John Frederick ‘Chow’ Hayes, 1930, Central Police Station, Sydney.
mug shots, JUSTICE & POLICE MUSEUM
Mug shot of Daniel Ligores, 1920. Enraged over his wife’s participation in a Surry Hills based ‘free love religious cult’ (variously called ‘Abode of Love’ or ‘Free Love Mission’ by the newspapers, or ‘Apostolic Faith Mission’ by its leader), Daniel Ligores, Salvation Army cook, of 110 Palmer Street Darlinghurst, shot his wife Gertrude Grace Ligores dead at the mission’s premises in Holt Place, off Elizabeth Street, in late November 1920.
mug shots, JUSTICE & POLICE MUSEUM
Eugenia Falleni, alias Harry Crawford, special photograph number 234, Central Police Station Sydney, 1920. When ‘Harry Leon Crawford’, hotel cleaner of Stanmore was arrested and charged with wife murder he was revealed to be in fact Eugenia Falleni (sometimes spelt as Eugeni), a woman and mother, who had been passing as a man since 1899. In 1913, as ‘Harry Crawford’, Falleni had married the widow Annie Birkett.
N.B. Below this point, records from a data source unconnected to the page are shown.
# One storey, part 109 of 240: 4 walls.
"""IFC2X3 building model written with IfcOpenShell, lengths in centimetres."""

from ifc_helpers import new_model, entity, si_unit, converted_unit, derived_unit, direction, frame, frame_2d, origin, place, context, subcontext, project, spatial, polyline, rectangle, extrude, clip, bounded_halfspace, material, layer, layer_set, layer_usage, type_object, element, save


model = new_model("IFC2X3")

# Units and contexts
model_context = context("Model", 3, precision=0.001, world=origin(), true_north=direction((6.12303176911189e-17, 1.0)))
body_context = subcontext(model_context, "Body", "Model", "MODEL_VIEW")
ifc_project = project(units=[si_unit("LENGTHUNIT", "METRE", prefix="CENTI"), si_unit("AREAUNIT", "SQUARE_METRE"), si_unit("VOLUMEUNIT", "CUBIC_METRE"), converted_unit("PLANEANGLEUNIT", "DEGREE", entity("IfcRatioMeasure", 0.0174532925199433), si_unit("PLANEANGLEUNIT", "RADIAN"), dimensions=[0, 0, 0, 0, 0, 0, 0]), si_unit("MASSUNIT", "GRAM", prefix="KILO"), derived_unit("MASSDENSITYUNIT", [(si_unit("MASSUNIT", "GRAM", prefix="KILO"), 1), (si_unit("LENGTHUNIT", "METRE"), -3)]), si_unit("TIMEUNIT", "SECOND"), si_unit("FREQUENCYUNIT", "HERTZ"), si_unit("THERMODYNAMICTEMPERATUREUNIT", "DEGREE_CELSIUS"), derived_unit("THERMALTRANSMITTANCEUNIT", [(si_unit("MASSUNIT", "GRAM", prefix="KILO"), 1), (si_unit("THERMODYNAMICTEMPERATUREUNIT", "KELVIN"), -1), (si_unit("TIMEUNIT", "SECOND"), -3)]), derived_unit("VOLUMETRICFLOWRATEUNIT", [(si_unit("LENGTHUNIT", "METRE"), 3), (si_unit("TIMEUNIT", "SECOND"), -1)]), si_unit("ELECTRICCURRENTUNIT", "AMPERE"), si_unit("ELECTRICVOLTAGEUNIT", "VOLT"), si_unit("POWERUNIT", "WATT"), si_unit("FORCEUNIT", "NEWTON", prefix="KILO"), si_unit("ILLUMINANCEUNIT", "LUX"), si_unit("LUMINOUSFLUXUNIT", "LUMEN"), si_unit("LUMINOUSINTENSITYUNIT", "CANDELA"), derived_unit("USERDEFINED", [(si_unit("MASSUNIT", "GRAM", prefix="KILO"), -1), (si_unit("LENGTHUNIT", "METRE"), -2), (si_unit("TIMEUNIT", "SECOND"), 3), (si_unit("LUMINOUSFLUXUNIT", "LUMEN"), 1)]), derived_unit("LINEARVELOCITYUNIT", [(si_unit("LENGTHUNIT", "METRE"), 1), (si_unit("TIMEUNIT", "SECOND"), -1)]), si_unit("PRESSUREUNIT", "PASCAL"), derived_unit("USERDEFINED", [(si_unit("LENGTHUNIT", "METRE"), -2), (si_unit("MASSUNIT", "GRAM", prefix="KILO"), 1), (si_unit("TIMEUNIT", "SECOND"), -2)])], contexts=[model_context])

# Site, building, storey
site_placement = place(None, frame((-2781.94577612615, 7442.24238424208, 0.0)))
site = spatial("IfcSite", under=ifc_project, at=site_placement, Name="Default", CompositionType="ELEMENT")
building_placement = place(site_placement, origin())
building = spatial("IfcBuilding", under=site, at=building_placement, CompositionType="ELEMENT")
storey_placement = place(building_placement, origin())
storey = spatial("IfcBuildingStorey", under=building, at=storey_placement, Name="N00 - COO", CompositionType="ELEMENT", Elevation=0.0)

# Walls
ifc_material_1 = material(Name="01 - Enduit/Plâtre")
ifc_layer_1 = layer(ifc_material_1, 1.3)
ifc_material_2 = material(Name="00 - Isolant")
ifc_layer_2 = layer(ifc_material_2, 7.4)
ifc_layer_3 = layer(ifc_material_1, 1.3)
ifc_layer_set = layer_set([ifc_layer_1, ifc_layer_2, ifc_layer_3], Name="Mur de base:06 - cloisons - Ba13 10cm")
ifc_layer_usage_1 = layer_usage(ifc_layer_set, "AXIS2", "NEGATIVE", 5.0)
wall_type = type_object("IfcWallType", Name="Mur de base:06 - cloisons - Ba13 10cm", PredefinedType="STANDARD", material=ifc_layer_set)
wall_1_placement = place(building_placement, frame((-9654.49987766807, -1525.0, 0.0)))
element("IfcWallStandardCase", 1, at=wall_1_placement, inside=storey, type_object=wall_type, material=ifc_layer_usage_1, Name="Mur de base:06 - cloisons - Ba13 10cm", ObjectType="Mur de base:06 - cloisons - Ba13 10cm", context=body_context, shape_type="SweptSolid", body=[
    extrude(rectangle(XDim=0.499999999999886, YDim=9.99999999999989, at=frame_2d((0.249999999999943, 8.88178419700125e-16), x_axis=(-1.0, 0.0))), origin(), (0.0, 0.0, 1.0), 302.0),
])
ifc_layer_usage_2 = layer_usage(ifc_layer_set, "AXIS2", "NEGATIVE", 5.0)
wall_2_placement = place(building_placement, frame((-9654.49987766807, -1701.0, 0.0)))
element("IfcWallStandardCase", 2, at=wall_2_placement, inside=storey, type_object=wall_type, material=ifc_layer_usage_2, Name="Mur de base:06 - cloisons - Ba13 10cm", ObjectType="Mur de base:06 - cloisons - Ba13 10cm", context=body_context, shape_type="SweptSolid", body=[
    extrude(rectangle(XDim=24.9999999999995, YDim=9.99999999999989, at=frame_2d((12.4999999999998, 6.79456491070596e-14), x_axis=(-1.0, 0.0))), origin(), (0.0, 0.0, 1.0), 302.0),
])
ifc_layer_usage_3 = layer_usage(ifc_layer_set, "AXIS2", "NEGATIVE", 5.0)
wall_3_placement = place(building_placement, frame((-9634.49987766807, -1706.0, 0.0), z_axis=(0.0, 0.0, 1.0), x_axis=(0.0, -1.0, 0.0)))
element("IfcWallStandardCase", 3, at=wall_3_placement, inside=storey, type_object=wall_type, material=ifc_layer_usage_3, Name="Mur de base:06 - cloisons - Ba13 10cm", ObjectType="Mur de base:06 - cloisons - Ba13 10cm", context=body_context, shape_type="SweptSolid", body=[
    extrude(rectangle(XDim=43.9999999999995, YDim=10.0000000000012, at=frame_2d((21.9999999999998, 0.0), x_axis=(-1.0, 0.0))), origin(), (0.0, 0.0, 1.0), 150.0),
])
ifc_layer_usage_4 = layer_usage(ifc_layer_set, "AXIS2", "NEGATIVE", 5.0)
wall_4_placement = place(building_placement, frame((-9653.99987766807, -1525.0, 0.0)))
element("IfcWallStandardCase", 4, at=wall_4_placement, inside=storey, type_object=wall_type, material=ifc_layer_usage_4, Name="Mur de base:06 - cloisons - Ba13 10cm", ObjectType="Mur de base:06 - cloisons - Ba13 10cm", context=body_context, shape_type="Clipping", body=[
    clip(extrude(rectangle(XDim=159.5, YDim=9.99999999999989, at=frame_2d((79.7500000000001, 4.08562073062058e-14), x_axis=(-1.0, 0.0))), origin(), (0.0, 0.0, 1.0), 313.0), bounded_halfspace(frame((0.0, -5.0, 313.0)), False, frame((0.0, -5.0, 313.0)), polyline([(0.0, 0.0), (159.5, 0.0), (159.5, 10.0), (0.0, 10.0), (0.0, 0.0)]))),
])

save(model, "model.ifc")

Four years later, shortly after she announced to a relative that she had found out ‘something amazing about Harry’, Birkett disappeared. Crawford told neighbours that she had run off with a plumber. In 1919 Birkett’s young son, who had remained in Crawford’s custody, told an aunt of attempts made on his life by his drunken stepfather. The aunt contacted police. A charred body which had been found in Lane Cove in 1917 was belatedly identified as Birkett’s. ‘Crawford’s’ astonished second wife, when finally convinced of Falleni’s true gender remarked, “I always wondered why he was so painfully shy …” The photograph shown here shows Falleni in male clothing, probably on the day of her arrest. The negative was found in a paper sleeve inscribed ‘Falleni Man/Woman’. It is also possible that Falleni was made to dress in a man’s suit for the photograph.